- **Required action**
Only a number is required: the count of lines in the material below that contain "name".

- **Given data**
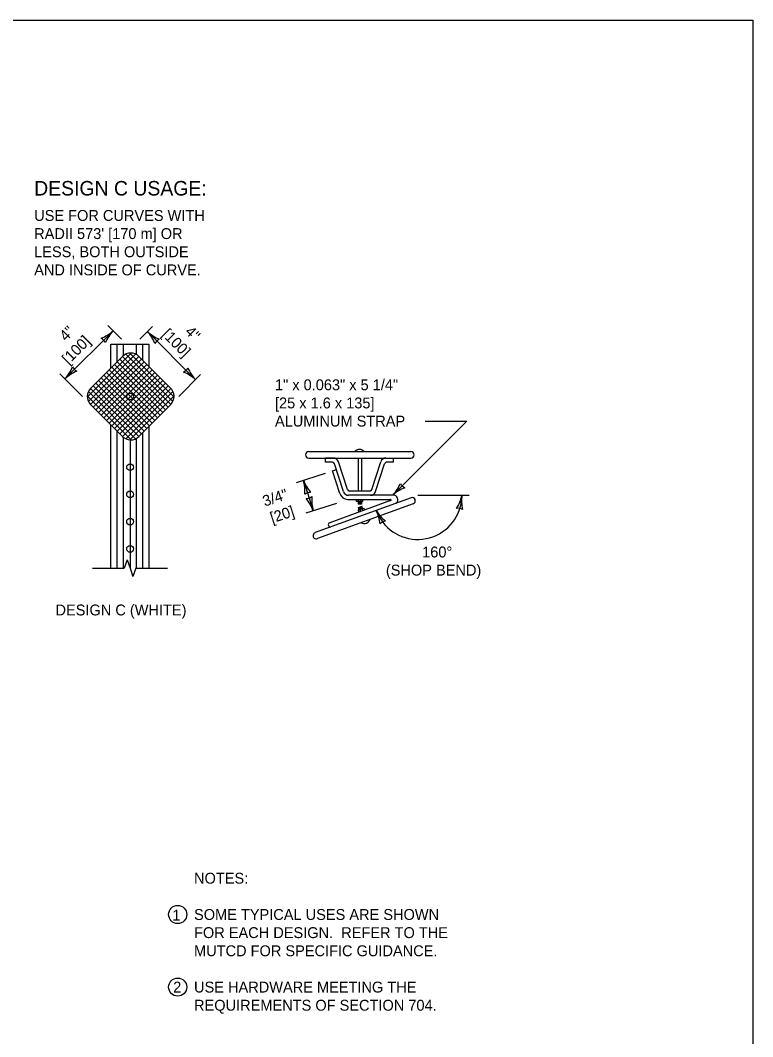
# Model space of a CAD drawing. Extents: x 49991.4 to 50021, y 49987.6 to 50011.4.
# Drawn here: x 50012.71 to 50016.75, y 49993.4 to 49999 of the extents above; entities that cross this region are included whole.
import ezdxf

# ---------------------------------------------------------------- set-up
doc = ezdxf.new("R2010")
doc.units = 0
for name, color, linetype in [('Level 1', 7, 'Continuous'), ('Level 2', 7, 'Continuous'), ('Level 3', 7, 'Continuous'), ('Level 5', 7, 'Continuous'), ('Level 6', 7, 'Continuous')]:
    doc.layers.add(name, color=color, linetype=linetype)

msp = doc.modelspace()

# ---------------------------------------------------------------- linework, layer by layer
at = {"layer": 'Level 1'}
for p, q in [((50013.2116, 49997.2147), (50013.4242, 49997.2147)), ((50013.2116, 49997.0819), (50013.2116, 49997.2147)), ((50013.2471, 49997.1174), (50013.2471, 49997.2147)), ((50013.2825, 49997.1523), (50013.2825, 49997.2147)), ((50013.3534, 49997.1572), (50013.3534, 49997.2147)), ((50013.3889, 49997.1244), (50013.3889, 49997.2147)), ((50013.4242, 49997.0891), (50013.4242, 49997.2147)), ((50013.0823, 49996.923), (50013.3251, 49997.1659)), ((50013.0883, 49996.8997), (50013.3484, 49997.1599)), ((50013.1005, 49996.8825), (50013.3657, 49997.1476)), ((50013.2762, 49997.1466), (50013.1005, 49996.9709)), ((50013.1152, 49996.8678), (50013.3804, 49997.1329)), ((50013.2623, 49997.1326), (50013.5275, 49996.8675)), ((50013.277, 49997.1473), (50013.5422, 49996.8822)), ((50013.2941, 49997.1597), (50013.5544, 49996.8994)), ((50013.3174, 49997.1658), (50013.5606, 49996.9226)), ((50013.5393, 49996.9738), (50013.3664, 49997.1469)), ((50013.1299, 49996.8531), (50013.395, 49997.1182)), ((50013.1446, 49996.8384), (50013.4097, 49997.1035)), ((50013.1594, 49996.8236), (50013.4244, 49997.0888)), ((50013.1741, 49996.8089), (50013.4391, 49997.0741)), ((50013.2035, 49997.0738), (50013.4686, 49996.8086)), ((50013.2182, 49997.0885), (50013.4833, 49996.8233)), ((50013.2329, 49997.1032), (50013.4981, 49996.8381)), ((50013.2476, 49997.1179), (50013.5128, 49996.8528)), ((50013.1594, 49997.0297), (50013.4245, 49996.7645)), ((50013.1741, 49997.0444), (50013.4392, 49996.7792)), ((50013.1888, 49996.7942), (50013.4538, 49997.0594)), ((50013.1888, 49997.0591), (50013.4539, 49996.7939)), ((50013.2035, 49996.7795), (50013.4685, 49997.0447)), ((50013.2182, 49996.7648), (50013.4832, 49997.03)), ((50013.1005, 49996.9708), (50013.3657, 49996.7057)), ((50013.1152, 49996.9856), (50013.3804, 49996.7204)), ((50013.1299, 49997.0003), (50013.3951, 49996.7351)), ((50013.1446, 49997.015), (50013.4098, 49996.7498)), ((50013.2329, 49996.7501), (50013.4979, 49997.0152)), ((50013.2476, 49996.7354), (50013.5127, 49997.0004)), ((50013.2623, 49996.7207), (50013.5274, 49996.9857)), ((50013.277, 49996.706), (50013.5422, 49996.9711)), ((50013.0823, 49996.9302), (50013.325, 49996.6875)), ((50013.0883, 49996.9536), (50013.3485, 49996.6935)), ((50013.2941, 49996.6937), (50013.5544, 49996.9541)), ((50013.3174, 49996.6875), (50013.5606, 49996.9308)), ((50013.1005, 49996.8825), (50013.2763, 49996.7067)), ((50013.366, 49996.7061), (50013.5424, 49996.8825)), ((50013.2116, 49995.98), (50013.2116, 49996.7714)), ((50013.4242, 49995.98), (50013.4242, 49996.7642)), ((50013.2471, 49995.98), (50013.2471, 49996.7359)), ((50013.2825, 49995.98), (50013.2825, 49996.7011)), ((50013.3534, 49995.98), (50013.3534, 49996.6962)), ((50013.3889, 49995.98), (50013.3889, 49996.7289)), ((50014.3037, 49996.6225), (50014.8662, 49996.6225)), ((50014.3037, 49996.5873), (50014.8662, 49996.5873)), ((50014.3958, 49996.5638), (50014.3958, 49996.5873)), ((50014.4385, 49996.5873), (50014.3958, 49996.5873)), ((50014.5752, 49996.5873), (50014.5752, 49996.4056)), ((50014.5947, 49996.5873), (50014.5947, 49996.4056)), ((50014.7282, 49996.5873), (50014.7709, 49996.5873)), ((50014.7709, 49996.5638), (50014.7709, 49996.5873)), ((50014.4341, 49996.5638), (50014.3958, 49996.5638)), ((50014.4332, 49996.5169), (50014.4555, 49996.5241)), ((50014.4738, 49996.3914), (50014.4332, 49996.5169)), ((50014.4948, 49996.4024), (50014.4453, 49996.5557)), ((50014.5158, 49996.4138), (50014.4662, 49996.5671)), ((50014.6509, 49996.4138), (50014.7003, 49996.5671)), ((50014.6719, 49996.4024), (50014.7214, 49996.5557)), ((50014.7709, 49996.5638), (50014.7325, 49996.5638)), ((50014.6397, 49996.4056), (50014.527, 49996.4056)), ((50014.867, 49996.3688), (50014.3384, 49996.1764)), ((50014.7542, 49996.3525), (50014.4185, 49996.2303)), ((50014.5182, 49996.3586), (50014.7531, 49996.3586)), ((50014.7665, 49996.3821), (50014.5226, 49996.3821)), ((50014.5663, 49996.3477), (50014.5663, 49996.3586)), ((50014.6018, 49996.3477), (50014.5663, 49996.3477)), ((50014.5752, 49996.3477), (50014.5752, 49996.333)), ((50014.5779, 49996.3477), (50014.5779, 49996.3586)), ((50014.5907, 49996.3477), (50014.5907, 49996.3586)), ((50014.5947, 49996.3477), (50014.5947, 49996.333)), ((50014.6018, 49996.3477), (50014.6018, 49996.3586)), ((50014.879, 49996.3357), (50014.3505, 49996.1433)), ((50014.5749, 49996.2994), (50014.6083, 49996.3115)), ((50014.5749, 49996.2994), (50014.5788, 49996.2887)), ((50014.5947, 49996.3402), (50014.5752, 49996.3402)), ((50014.5947, 49996.333), (50014.5752, 49996.333)), ((50014.5766, 49996.3156), (50014.5949, 49996.3223)), ((50014.5816, 49996.3019), (50014.5766, 49996.3156)), ((50014.5907, 49996.3437), (50014.5779, 49996.3437)), ((50014.5907, 49996.3368), (50014.5779, 49996.3368)), ((50014.579, 49996.3088), (50014.5973, 49996.3155)), ((50014.5816, 49996.3134), (50014.5937, 49996.3178)), ((50014.584, 49996.3069), (50014.596, 49996.3113)), ((50014.5854, 49996.3032), (50014.5892, 49996.2925)), ((50014.5999, 49996.3085), (50014.5949, 49996.3223)), ((50014.5973, 49996.3076), (50014.6013, 49996.2969)), ((50014.6083, 49996.3115), (50014.6122, 49996.3009))]:
    msp.add_line(p, q, dxfattribs=at)
msp.add_lwpolyline([(49999.3835, 49998.9992), (50016.7501, 49998.9992), (50016.7501, 49987.7988), (49999.3835, 49987.7988)], close=True, dxfattribs=at)
for centre in [(50013.319, 49996.9265), (50013.3186, 49996.537), (50013.3186, 49996.387), (50013.3186, 49996.2369), (50013.3186, 49996.0869)]:
    msp.add_circle(centre, 0.0188, dxfattribs=at)
for centre, radius, start, end in [((50013.3215, 49997.1035), 0.0625, 44.0788, 136.4048), ((50013.1447, 49996.9267), 0.0625, 135, 225), ((50013.4982, 49996.9267), 0.0625, 315, 48.9235), ((50013.3215, 49996.7499), 0.0625, 223.7651, 315.5114), ((50014.5832, 49996.6008), 0.034, 39.7949, 140.2051), ((50014.3037, 49996.6049), 0.0176, 90, 270), ((50014.4384, 49996.5581), 0.0293, 17.888, 90), ((50014.7281, 49996.5581), 0.0293, 90, 162.1111), ((50014.8662, 49996.6049), 0.0176, 270, 90), ((50014.4341, 49996.5521), 0.0117, 17.8891, 90), ((50014.7325, 49996.5521), 0.0117, 90, 162.1109), ((50014.5226, 49996.4114), 0.0293, 197.8891, 270), ((50014.527, 49996.4174), 0.0117, 197.8889, 270), ((50014.6397, 49996.4174), 0.0117, 270, 342.1111), ((50014.644, 49996.4114), 0.0293, 270, 342.1109), ((50014.5232, 49996.4119), 0.0536, 202.5254, 264.5679), ((50014.7536, 49996.3556), 0.0031, 280.2222, 100.2222), ((50014.7709, 49996.3587), 0.0239, 301.8038, 100.6049), ((50014.873, 49996.3522), 0.0176, 290, 110), ((50014.6089, 49996.2605), 0.034, 239.7949, 340.2051), ((50014.4225, 49996.2193), 0.0118, 109.8998, 279.8601), ((50014.3444, 49996.1598), 0.0176, 110, 290)]:
    msp.add_arc(centre, radius, start, end, dxfattribs=at)
at = {"layer": 'Level 2'}
for centre in [(50013.5808, 49994.0722), (50013.5808, 49993.6722)]:
    msp.add_circle(centre, 0.05, dxfattribs=at)
at = {"layer": 'Level 3'}
for p, q in [((50013.2705, 49997.243), (50013.1962, 49997.3171)), ((50013.442, 49997.3123), (50013.3727, 49997.243)), ((50012.9593, 49997.0237), (50013.2245, 49997.2889)), ((50013.4137, 49997.284), (50013.6789, 49997.0189)), ((50012.9311, 49997.052), (50013.0563, 49996.9267)), ((50013.5865, 49996.9266), (50013.7072, 49997.0472)), ((50014.7665, 49996.3821), (50015.1753, 49996.7909)), ((50014.9444, 49996.7909), (50015.1753, 49996.7909)), ((50014.2356, 49996.4532), (50014.3951, 49996.5046)), ((50014.2737, 49996.4655), (50014.3276, 49996.2972)), ((50014.9038, 49996.3821), (50015.1872, 49996.3821)), ((50014.2895, 49996.2849), (50014.4587, 49996.3394))]:
    msp.add_line(p, q, dxfattribs=at)
for centre, radius, start, end in [((50013.0739, 49997.4524), 0.2223, 292.456, 312.6395), ((50013.1338, 49997.1982), 0.0548, 27.1388, 62.8612), ((50013.3972, 49997.1324), 0.233, 137.8273, 157.0772), ((50013.2501, 49997.1334), 0.2223, 22.4668, 42.6503), ((50013.5701, 49997.4567), 0.233, 227.8381, 247.088), ((50013.5043, 49997.1934), 0.0548, 117.1496, 152.872), ((50012.7867, 49997.1801), 0.233, 317.8273, 337.0772), ((50013.05, 49997.1144), 0.0548, 207.1388, 242.8612), ((50013.5882, 49997.1096), 0.0548, 297.1496, 332.872), ((50013.8424, 49997.1696), 0.2223, 202.4668, 222.6503), ((50013.1099, 49996.8602), 0.2223, 112.456, 132.6395), ((50013.5225, 49996.8462), 0.233, 47.8381, 67.088), ((50014.0594, 49996.4064), 0.2223, 355.2143, 15.3978), ((50014.4918, 49996.5474), 0.233, 200.5856, 219.8354), ((50014.5938, 49996.5386), 0.233, 317.8273, 337.0772), ((50014.9171, 49996.2186), 0.2223, 112.456, 132.6395), ((50014.8571, 49996.4728), 0.0548, 207.1388, 242.8612), ((50014.3128, 49996.3434), 0.0548, 89.8971, 125.6194), ((50014.2885, 49996.4193), 0.0548, 269.8971, 305.6194), ((50014.1095, 49996.2152), 0.233, 20.5856, 39.8354), ((50014.542, 49996.3562), 0.2223, 175.2143, 195.3978), ((50014.9038, 49996.3821), 0.2434, 208.3046, 353.5925), ((50014.9295, 49996.4274), 0.2223, 328.078, 348.2615), ((50015.3786, 49996.3555), 0.233, 173.4493, 192.6992), ((50014.4756, 49996.2007), 0.2223, 6.0157, 26.1992), ((50014.8739, 49996.4202), 0.233, 211.387, 230.6369), ((50015.1263, 49996.2556), 0.0548, 62.7608, 98.4832), ((50014.7363, 49996.1863), 0.0548, 100.6985, 136.4209)]:
    msp.add_arc(centre, radius, start, end, dxfattribs=at)
at = {"layer": 'Level 5'}
msp.add_line((50013.3186, 49996.6875), (50013.3186, 49995.9781), dxfattribs=at)
at = {"layer": 'Level 6'}
for p, q in [((50013.3017, 49996.0257), (50013.2855, 49995.98)), ((50013.3017, 49996.0257), (50013.3179, 49995.98)), ((50013.1116, 49995.98), (50013.2855, 49995.98)), ((50013.3179, 49995.98), (50013.3341, 49995.9343)), ((50013.3503, 49995.98), (50013.3341, 49995.9343)), ((50013.3503, 49995.98), (50013.5242, 49995.98))]:
    msp.add_line(p, q, dxfattribs=at)

# ---------------------------------------------------------------- texts
at = {"layer": 'Level 2'}
for s, height, p in [('DESIGN C USAGE:', 0.08, (50012.7896, 49998.0339)), ('USE FOR CURVES WITH', 0.06, (50012.7896, 49997.894)), ("RADII 573' [170 m] OR ", 0.06, (50012.7896, 49997.794)), ('LESS, BOTH OUTSIDE ', 0.06, (50012.7896, 49997.694)), ('AND INSIDE OF CURVE.', 0.06, (50012.7896, 49997.594)), ('1" x 0.063" x 5 1/4"', 0.06, (50014.117, 49996.9609)), ('[25 x 1.6 x 135]', 0.06, (50014.117, 49996.8609)), ('ALUMINUM STRAP', 0.06, (50014.117, 49996.7609)), ('160°', 0.06, (50014.9282, 49996.0397)), ('(SHOP BEND)', 0.06, (50014.7282, 49995.9397)), ('DESIGN C (WHITE)', 0.06, (50012.9071, 49995.7201)), ('NOTES:', 0.06, (50013.6708, 49994.2422)), ('1', 0.06, (50013.5514, 49994.0387)), ('SOME TYPICAL USES ARE SHOWN', 0.06, (50013.6708, 49994.0422)), ('FOR EACH DESIGN.  REFER TO THE', 0.06, (50013.6708, 49993.9422)), ('MUTCD FOR SPECIFIC GUIDANCE.', 0.06, (50013.6708, 49993.8422)), ('2', 0.06, (50013.5557, 49993.6422)), ('USE HARDWARE MEETING THE ', 0.06, (50013.6708, 49993.6422)), ('REQUIREMENTS OF SECTION 704.', 0.06, (50013.6708, 49993.5422))]:
    msp.add_text(s, height=height, dxfattribs=at).set_placement(p)
for s, rotation, p in [('4"', 45, (50012.9645, 49997.2267)), ('[100]', 315, (50013.4896, 49997.2647)), ('4"', 315, (50013.6168, 49997.2789)), ('[100]', 45, (50012.9787, 49997.0996)), (' 3/4"', 17.8955, (50014.0389, 49996.3125)), ('[20]', 17.8955, (50014.1017, 49996.2277))]:
    msp.add_text(s, height=0.06, rotation=rotation, dxfattribs=at).set_placement(p)

doc.saveas('drawing.dxf')

- **Solution**
2